Repository associated with the biosynthetic gene cluster analysis of Enterococcal species associated with HCT patients.
Copyright (C) 2017, Robin Shields-Cutler and Gabe Al-Ghalith
These programs are free software: you can redistribute them and/or modify
them under the terms of the GNU General Public License as
published by the Free Software Foundation, either version 3 of the
License, or (at your option) any later version.
This content is distributed in the hope that it will be useful,
but WITHOUT ANY WARRANTY; without even the implied warranty of
MERCHANTABILITY or FITNESS FOR A PARTICULAR PURPOSE. See the
GNU General Public License for more details.

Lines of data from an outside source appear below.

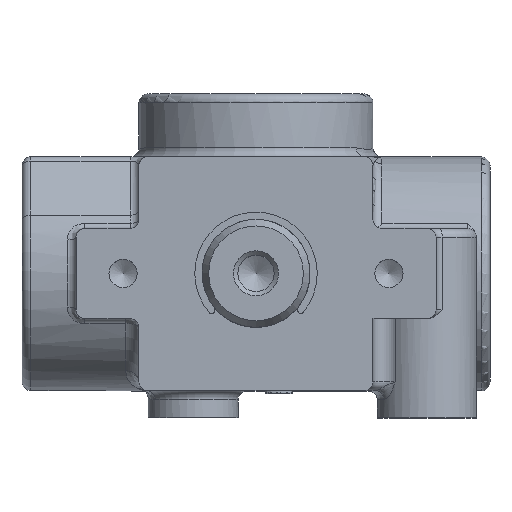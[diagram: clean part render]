
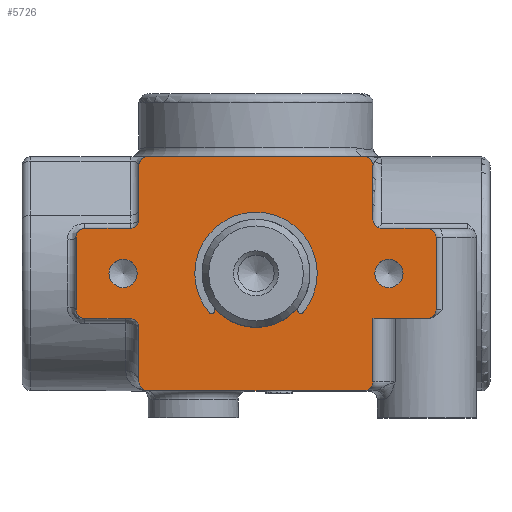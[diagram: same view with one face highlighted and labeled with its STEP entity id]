
A CAD part, top view. The second image highlights one B-rep face of the part: STEP entity #5726.
In plain terms, the highlighted planar face has unit normal (0, 0, 1).
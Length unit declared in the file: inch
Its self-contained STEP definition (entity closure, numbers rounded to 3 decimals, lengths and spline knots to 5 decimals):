
#3973=CARTESIAN_POINT('',(0.375,0.,1.781));
#3974=VERTEX_POINT('',#3973);
#3975=CARTESIAN_POINT('',(0.,0.,1.781));
#3976=DIRECTION('',(0.0,0.0,-1.0));
#3977=DIRECTION('',(-1.0,0.0,0.0));
#3978=AXIS2_PLACEMENT_3D('',#3975,#3976,#3977);
#3979=CIRCLE('',#3978,0.375);
#3980=EDGE_CURVE('',#3974,#3974,#3979,.T.);
#5104=CARTESIAN_POINT('',(1.021,0.0,1.781));
#5105=VERTEX_POINT('',#5104);
#5106=CARTESIAN_POINT('',(0.923,0.0,1.781));
#5107=DIRECTION('',(0.0,0.0,-1.0));
#5108=DIRECTION('',(1.0,0.0,0.0));
#5109=AXIS2_PLACEMENT_3D('',#5106,#5107,#5108);
#5110=CIRCLE('',#5109,0.098);
#5111=EDGE_CURVE('',#5105,#5105,#5110,.T.);
#5141=CARTESIAN_POINT('',(-0.825,0.0,1.781));
#5142=VERTEX_POINT('',#5141);
#5143=CARTESIAN_POINT('',(-0.923,0.0,1.781));
#5144=DIRECTION('',(0.0,0.0,-1.0));
#5145=DIRECTION('',(1.0,0.0,0.0));
#5146=AXIS2_PLACEMENT_3D('',#5143,#5144,#5145);
#5147=CIRCLE('',#5146,0.098);
#5148=EDGE_CURVE('',#5142,#5142,#5147,.T.);
#5515=CARTESIAN_POINT('',(-1.99854,0.0,1.781));
#5516=DIRECTION('',(0.0,0.0,-1.0));
#5517=DIRECTION('',(-1.0,0.0,0.0));
#5518=AXIS2_PLACEMENT_3D('',#5515,#5516,#5517);
#5519=PLANE('',#5518);
#5520=CARTESIAN_POINT('',(-0.8745,0.3125,1.781));
#5521=VERTEX_POINT('',#5520);
#5522=CARTESIAN_POINT('',(-0.8125,0.3745,1.781));
#5523=VERTEX_POINT('',#5522);
#5524=CARTESIAN_POINT('',(-0.8745,0.3745,1.781));
#5525=DIRECTION('',(0.0,0.0,1.0));
#5526=DIRECTION('',(0.707,-0.707,0.0));
#5527=AXIS2_PLACEMENT_3D('',#5524,#5525,#5526);
#5528=CIRCLE('',#5527,0.062);
#5529=EDGE_CURVE('',#5521,#5523,#5528,.T.);
#5530=ORIENTED_EDGE('',*,*,#5529,.F.);
#5531=CARTESIAN_POINT('',(-1.188,0.3125,1.781));
#5532=VERTEX_POINT('',#5531);
#5533=CARTESIAN_POINT('',(-1.188,0.3125,1.781));
#5534=DIRECTION('',(1.0,0.0,0.0));
#5535=VECTOR('',#5534,0.3135);
#5536=LINE('',#5533,#5535);
#5537=EDGE_CURVE('',#5532,#5521,#5536,.T.);
#5538=ORIENTED_EDGE('',*,*,#5537,.F.);
#5539=CARTESIAN_POINT('',(-1.25,0.2505,1.781));
#5540=VERTEX_POINT('',#5539);
#5541=CARTESIAN_POINT('',(-1.188,0.2505,1.781));
#5542=DIRECTION('',(0.0,0.0,-1.0));
#5543=DIRECTION('',(-0.707,0.707,0.0));
#5544=AXIS2_PLACEMENT_3D('',#5541,#5542,#5543);
#5545=CIRCLE('',#5544,0.062);
#5546=EDGE_CURVE('',#5540,#5532,#5545,.T.);
#5547=ORIENTED_EDGE('',*,*,#5546,.F.);
#5548=CARTESIAN_POINT('',(-1.25,-0.2505,1.781));
#5549=VERTEX_POINT('',#5548);
#5550=CARTESIAN_POINT('',(-1.25,-0.2505,1.781));
#5551=DIRECTION('',(0.0,1.0,0.0));
#5552=VECTOR('',#5551,0.501);
#5553=LINE('',#5550,#5552);
#5554=EDGE_CURVE('',#5549,#5540,#5553,.T.);
#5555=ORIENTED_EDGE('',*,*,#5554,.F.);
#5556=CARTESIAN_POINT('',(-1.188,-0.3125,1.781));
#5557=VERTEX_POINT('',#5556);
#5558=CARTESIAN_POINT('',(-1.188,-0.2505,1.781));
#5559=DIRECTION('',(0.0,0.0,-1.0));
#5560=DIRECTION('',(-0.707,-0.707,0.0));
#5561=AXIS2_PLACEMENT_3D('',#5558,#5559,#5560);
#5562=CIRCLE('',#5561,0.062);
#5563=EDGE_CURVE('',#5557,#5549,#5562,.T.);
#5564=ORIENTED_EDGE('',*,*,#5563,.F.);
#5565=CARTESIAN_POINT('',(-0.8745,-0.3125,1.781));
#5566=VERTEX_POINT('',#5565);
#5567=CARTESIAN_POINT('',(-0.8745,-0.3125,1.781));
#5568=DIRECTION('',(-1.0,0.0,0.0));
#5569=VECTOR('',#5568,0.3135);
#5570=LINE('',#5567,#5569);
#5571=EDGE_CURVE('',#5566,#5557,#5570,.T.);
#5572=ORIENTED_EDGE('',*,*,#5571,.F.);
#5573=CARTESIAN_POINT('',(-0.8125,-0.3745,1.781));
#5574=VERTEX_POINT('',#5573);
#5575=CARTESIAN_POINT('',(-0.8745,-0.3745,1.781));
#5576=DIRECTION('',(0.0,0.0,1.0));
#5577=DIRECTION('',(0.707,0.707,0.0));
#5578=AXIS2_PLACEMENT_3D('',#5575,#5576,#5577);
#5579=CIRCLE('',#5578,0.062);
#5580=EDGE_CURVE('',#5574,#5566,#5579,.T.);
#5581=ORIENTED_EDGE('',*,*,#5580,.F.);
#5582=CARTESIAN_POINT('',(-0.8125,-0.751,1.781));
#5583=VERTEX_POINT('',#5582);
#5584=CARTESIAN_POINT('',(-0.8125,-0.751,1.781));
#5585=DIRECTION('',(0.0,1.0,0.0));
#5586=VECTOR('',#5585,0.3765);
#5587=LINE('',#5584,#5586);
#5588=EDGE_CURVE('',#5583,#5574,#5587,.T.);
#5589=ORIENTED_EDGE('',*,*,#5588,.F.);
#5590=CARTESIAN_POINT('',(-0.7505,-0.813,1.781));
#5591=VERTEX_POINT('',#5590);
#5592=CARTESIAN_POINT('',(-0.7505,-0.751,1.781));
#5593=DIRECTION('',(0.0,0.0,-1.0));
#5594=DIRECTION('',(-0.707,-0.707,0.0));
#5595=AXIS2_PLACEMENT_3D('',#5592,#5593,#5594);
#5596=CIRCLE('',#5595,0.062);
#5597=EDGE_CURVE('',#5591,#5583,#5596,.T.);
#5598=ORIENTED_EDGE('',*,*,#5597,.F.);
#5599=CARTESIAN_POINT('',(0.7505,-0.813,1.781));
#5600=VERTEX_POINT('',#5599);
#5601=CARTESIAN_POINT('',(0.7505,-0.813,1.781));
#5602=DIRECTION('',(-1.0,0.0,0.0));
#5603=VECTOR('',#5602,1.501);
#5604=LINE('',#5601,#5603);
#5605=EDGE_CURVE('',#5600,#5591,#5604,.T.);
#5606=ORIENTED_EDGE('',*,*,#5605,.F.);
#5607=CARTESIAN_POINT('',(0.8125,-0.751,1.781));
#5608=VERTEX_POINT('',#5607);
#5609=CARTESIAN_POINT('',(0.7505,-0.751,1.781));
#5610=DIRECTION('',(0.0,0.0,-1.0));
#5611=DIRECTION('',(0.707,-0.707,0.0));
#5612=AXIS2_PLACEMENT_3D('',#5609,#5610,#5611);
#5613=CIRCLE('',#5612,0.062);
#5614=EDGE_CURVE('',#5608,#5600,#5613,.T.);
#5615=ORIENTED_EDGE('',*,*,#5614,.F.);
#5616=CARTESIAN_POINT('',(0.8125,-0.3125,1.781));
#5617=VERTEX_POINT('',#5616);
#5618=CARTESIAN_POINT('',(0.8125,-0.3125,1.781));
#5619=DIRECTION('',(0.0,-1.0,0.0));
#5620=VECTOR('',#5619,0.4385);
#5621=LINE('',#5618,#5620);
#5622=EDGE_CURVE('',#5617,#5608,#5621,.T.);
#5623=ORIENTED_EDGE('',*,*,#5622,.F.);
#5624=CARTESIAN_POINT('',(1.188,-0.3125,1.781));
#5625=VERTEX_POINT('',#5624);
#5626=CARTESIAN_POINT('',(1.188,-0.3125,1.781));
#5627=DIRECTION('',(-1.0,0.0,0.0));
#5628=VECTOR('',#5627,0.3755);
#5629=LINE('',#5626,#5628);
#5630=EDGE_CURVE('',#5625,#5617,#5629,.T.);
#5631=ORIENTED_EDGE('',*,*,#5630,.F.);
#5632=CARTESIAN_POINT('',(1.25,-0.2505,1.781));
#5633=VERTEX_POINT('',#5632);
#5634=CARTESIAN_POINT('',(1.188,-0.2505,1.781));
#5635=DIRECTION('',(0.0,0.0,-1.0));
#5636=DIRECTION('',(0.707,-0.707,0.0));
#5637=AXIS2_PLACEMENT_3D('',#5634,#5635,#5636);
#5638=CIRCLE('',#5637,0.062);
#5639=EDGE_CURVE('',#5633,#5625,#5638,.T.);
#5640=ORIENTED_EDGE('',*,*,#5639,.F.);
#5641=CARTESIAN_POINT('',(1.25,0.2505,1.781));
#5642=VERTEX_POINT('',#5641);
#5643=CARTESIAN_POINT('',(1.25,0.2505,1.781));
#5644=DIRECTION('',(0.0,-1.0,0.0));
#5645=VECTOR('',#5644,0.501);
#5646=LINE('',#5643,#5645);
#5647=EDGE_CURVE('',#5642,#5633,#5646,.T.);
#5648=ORIENTED_EDGE('',*,*,#5647,.F.);
#5649=CARTESIAN_POINT('',(1.188,0.3125,1.781));
#5650=VERTEX_POINT('',#5649);
#5651=CARTESIAN_POINT('',(1.188,0.2505,1.781));
#5652=DIRECTION('',(0.0,0.0,-1.0));
#5653=DIRECTION('',(0.707,0.707,0.0));
#5654=AXIS2_PLACEMENT_3D('',#5651,#5652,#5653);
#5655=CIRCLE('',#5654,0.062);
#5656=EDGE_CURVE('',#5650,#5642,#5655,.T.);
#5657=ORIENTED_EDGE('',*,*,#5656,.F.);
#5658=CARTESIAN_POINT('',(0.8745,0.3125,1.781));
#5659=VERTEX_POINT('',#5658);
#5660=CARTESIAN_POINT('',(0.8745,0.3125,1.781));
#5661=DIRECTION('',(1.0,0.0,0.0));
#5662=VECTOR('',#5661,0.3135);
#5663=LINE('',#5660,#5662);
#5664=EDGE_CURVE('',#5659,#5650,#5663,.T.);
#5665=ORIENTED_EDGE('',*,*,#5664,.F.);
#5666=CARTESIAN_POINT('',(0.8125,0.3745,1.781));
#5667=VERTEX_POINT('',#5666);
#5668=CARTESIAN_POINT('',(0.8745,0.3745,1.781));
#5669=DIRECTION('',(0.0,0.0,1.0));
#5670=DIRECTION('',(-0.707,-0.707,0.0));
#5671=AXIS2_PLACEMENT_3D('',#5668,#5669,#5670);
#5672=CIRCLE('',#5671,0.062);
#5673=EDGE_CURVE('',#5667,#5659,#5672,.T.);
#5674=ORIENTED_EDGE('',*,*,#5673,.F.);
#5675=CARTESIAN_POINT('',(0.8125,0.75,1.781));
#5676=VERTEX_POINT('',#5675);
#5677=CARTESIAN_POINT('',(0.8125,0.75,1.781));
#5678=DIRECTION('',(0.0,-1.0,0.0));
#5679=VECTOR('',#5678,0.3755);
#5680=LINE('',#5677,#5679);
#5681=EDGE_CURVE('',#5676,#5667,#5680,.T.);
#5682=ORIENTED_EDGE('',*,*,#5681,.F.);
#5683=CARTESIAN_POINT('',(0.7505,0.812,1.781));
#5684=VERTEX_POINT('',#5683);
#5685=CARTESIAN_POINT('',(0.7505,0.75,1.781));
#5686=DIRECTION('',(0.0,0.0,-1.0));
#5687=DIRECTION('',(0.707,0.707,0.0));
#5688=AXIS2_PLACEMENT_3D('',#5685,#5686,#5687);
#5689=CIRCLE('',#5688,0.062);
#5690=EDGE_CURVE('',#5684,#5676,#5689,.T.);
#5691=ORIENTED_EDGE('',*,*,#5690,.F.);
#5692=CARTESIAN_POINT('',(-0.7505,0.812,1.781));
#5693=VERTEX_POINT('',#5692);
#5694=CARTESIAN_POINT('',(-0.7505,0.812,1.781));
#5695=DIRECTION('',(1.0,0.0,0.0));
#5696=VECTOR('',#5695,1.501);
#5697=LINE('',#5694,#5696);
#5698=EDGE_CURVE('',#5693,#5684,#5697,.T.);
#5699=ORIENTED_EDGE('',*,*,#5698,.F.);
#5700=CARTESIAN_POINT('',(-0.8125,0.75,1.781));
#5701=VERTEX_POINT('',#5700);
#5702=CARTESIAN_POINT('',(-0.7505,0.75,1.781));
#5703=DIRECTION('',(0.,0.,-1.0));
#5704=DIRECTION('',(-0.707,0.707,0.));
#5705=AXIS2_PLACEMENT_3D('',#5702,#5703,#5704);
#5706=CIRCLE('',#5705,0.062);
#5707=EDGE_CURVE('',#5701,#5693,#5706,.T.);
#5708=ORIENTED_EDGE('',*,*,#5707,.F.);
#5709=CARTESIAN_POINT('',(-0.8125,0.3745,1.781));
#5710=DIRECTION('',(0.0,1.0,0.0));
#5711=VECTOR('',#5710,0.3755);
#5712=LINE('',#5709,#5711);
#5713=EDGE_CURVE('',#5523,#5701,#5712,.T.);
#5714=ORIENTED_EDGE('',*,*,#5713,.F.);
#5715=EDGE_LOOP('',(#5530,#5538,#5547,#5555,#5564,#5572,#5581,#5589,#5598,#5606,#5615,#5623,#5631,#5640,#5648,#5657,#5665,#5674,#5682,#5691,#5699,#5708,#5714));
#5716=FACE_OUTER_BOUND('',#5715,.T.);
#5717=ORIENTED_EDGE('',*,*,#3980,.T.);
#5718=EDGE_LOOP('',(#5717));
#5719=FACE_BOUND('',#5718,.T.);
#5720=ORIENTED_EDGE('',*,*,#5111,.T.);
#5721=EDGE_LOOP('',(#5720));
#5722=FACE_BOUND('',#5721,.T.);
#5723=ORIENTED_EDGE('',*,*,#5148,.T.);
#5724=EDGE_LOOP('',(#5723));
#5725=FACE_BOUND('',#5724,.T.);
#5726=ADVANCED_FACE('',(#5716,#5719,#5722,#5725),#5519,.F.);

These analyses were carried out, and have only been tested, on Mac OSX 10.11.6, except where noted below.
Genome files were downloaded via FTP from the NCBI Reference Sequence Database. For information on which strains, see the strain mapping data file in this repo, which contains the RefSeq ID and annotated strain name for each assembly (i.e. not all are "complete" level genomes). Strain names and mappings to NCBI Refseq identifiers are provided in the data directory in this repo.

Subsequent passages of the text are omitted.